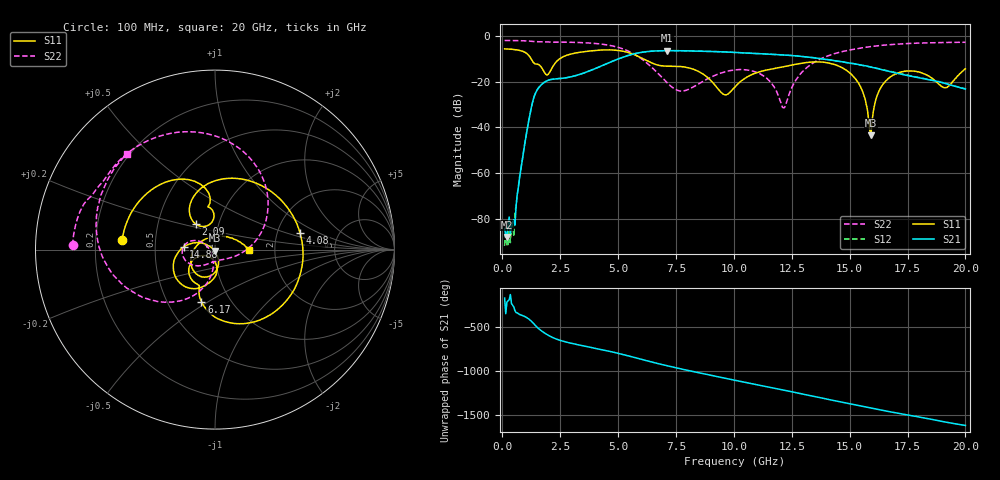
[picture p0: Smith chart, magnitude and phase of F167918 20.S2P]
!  2-Port S-parameters saved by WinCal
! VAR MeasName=S-Parameters (CALIBRATED_DATA) read from VNA (N5242A)
! VAR MeasDate=2016-11-22 10:25:44
! VAR NAME=F167918 20
! VAR FILENAME=F167918 20.S2P
! VAR DATE=2016-11-22 10:25:44
! VAR PHYS_PORTS=1,2
# Hz S DB R 50
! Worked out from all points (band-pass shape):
!   401 points, 100 MHz to 20 GHz, reference 50 ohm
!   highest |S21| = -6.46 dB at 7.115 GHz (marker M1); lowest = -87.9 dB at 199.5 MHz (marker M2)
!   |S21| within 3 dB of the highest: 5.174 GHz to 13.34 GHz (8.167 GHz wide, 88.2 % of centre)
!   lowest |S11| = -43.5 dB at 15.92 GHz (marker M3), VSWR 1.01, Z = 49.8 - j0.635 ohm
!   |S11| at or under -10 dB: 1.244 GHz to 2.483 GHz (1.239 GHz wide, 66.5 % of centre); 6.077 GHz to end of sweep
!   |S22| runs from -31.5 to -2.0 dB; largest |S21 - S12| = 0.0042
!   S11 on the Smith chart (normalised r, x): 100 MHz: 0.32, +0.05; 2.09 GHz: 0.78, +0.23; 4.08 GHz: 2.69, +0.64; 6.17 GHz: 0.73, -0.47; 14.88 GHz: 0.70, +0.02; 20 GHz: 1.47, -0.01
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1e8  -5.68 174.1  -84.13 -172.0  -91.78 174.5  -2.00 178.3
1.995e8  -5.72 168.2  -87.90 141.4  -91.98 168.6  -2.01 176.6
5.4775e8  -6.02 146.9  -82.78 44.8  -77.80 72.8  -2.06 170.7
1.34375e9  -11.66 96.1  -27.63 -98.2  -27.61 -98.4  -2.46 157.0
2.09e9  -15.08 126.9  -19.12 111.6  -19.09 111.4  -2.75 146.8
3.43325e9  -7.05 51.3  -16.54 10.5  -16.56 10.3  -2.95 121.1
4.08e9  -6.32 10.9  -14.02 -23.7  -14.03 -23.7  -3.38 104.2
5.1745e9  -6.65 -57.3  -9.46 -89.0  -9.46 -88.9  -5.57 65.3
6.1695e9  -10.47 -104.6  -6.98 -157.1  -6.96 -157.1  -11.26 20.1
6.7665e9  -12.88 -112.6  -6.52 163.1  -6.51 163.1  -16.85 -9.1
7.11475e9  -13.24 -114.8  -6.46 141.3  -6.45 141.3  -20.46 -29.1
8.30875e9  -14.80 -143.4  -6.62 71.7  -6.58 71.7  -21.99 -110.5
1.005e10  -22.26 -87.0  -7.23 -23.7  -7.24 -23.5  -14.89 -165.6
1.13435e10  -15.10 -96.7  -7.91 -92.0  -7.88 -91.7  -17.90 156.6
1.21395e10  -13.52 -106.6  -8.34 -134.4  -8.30 -134.4  -31.46 -159.3
1.338325e10  -11.46 -132.3  -9.48 157.5  -9.44 157.6  -12.12 -110.5
1.487575e10  -15.15 175.0  -11.70 77.4  -11.65 77.3  -6.42 -145.9
1.547275e10  -22.27 152.6  -12.73 45.6  -12.75 45.7  -5.32 -157.6
1.59205e10  -43.47 -108.0  -13.67 21.5  -13.65 22.1  -4.67 -166.0
1.67165e10  -18.34 -88.1  -15.50 -18.8  -15.48 -18.2  -3.86 179.9
1.915425e10  -22.63 94.5  -20.87 -137.5  -20.82 -137.2  -2.88 143.4
2e10  -14.41 -0.6  -23.25 -175.3  -23.13 -174.8  -2.80 132.7
═══
Among the lines of the records, copy out each one that contains the word "marker".

REPLY
!   highest |S21| = -6.46 dB at 7.115 GHz (marker M1); lowest = -87.9 dB at 199.5 MHz (marker M2)
!   lowest |S11| = -43.5 dB at 15.92 GHz (marker M3), VSWR 1.01, Z = 49.8 - j0.635 ohm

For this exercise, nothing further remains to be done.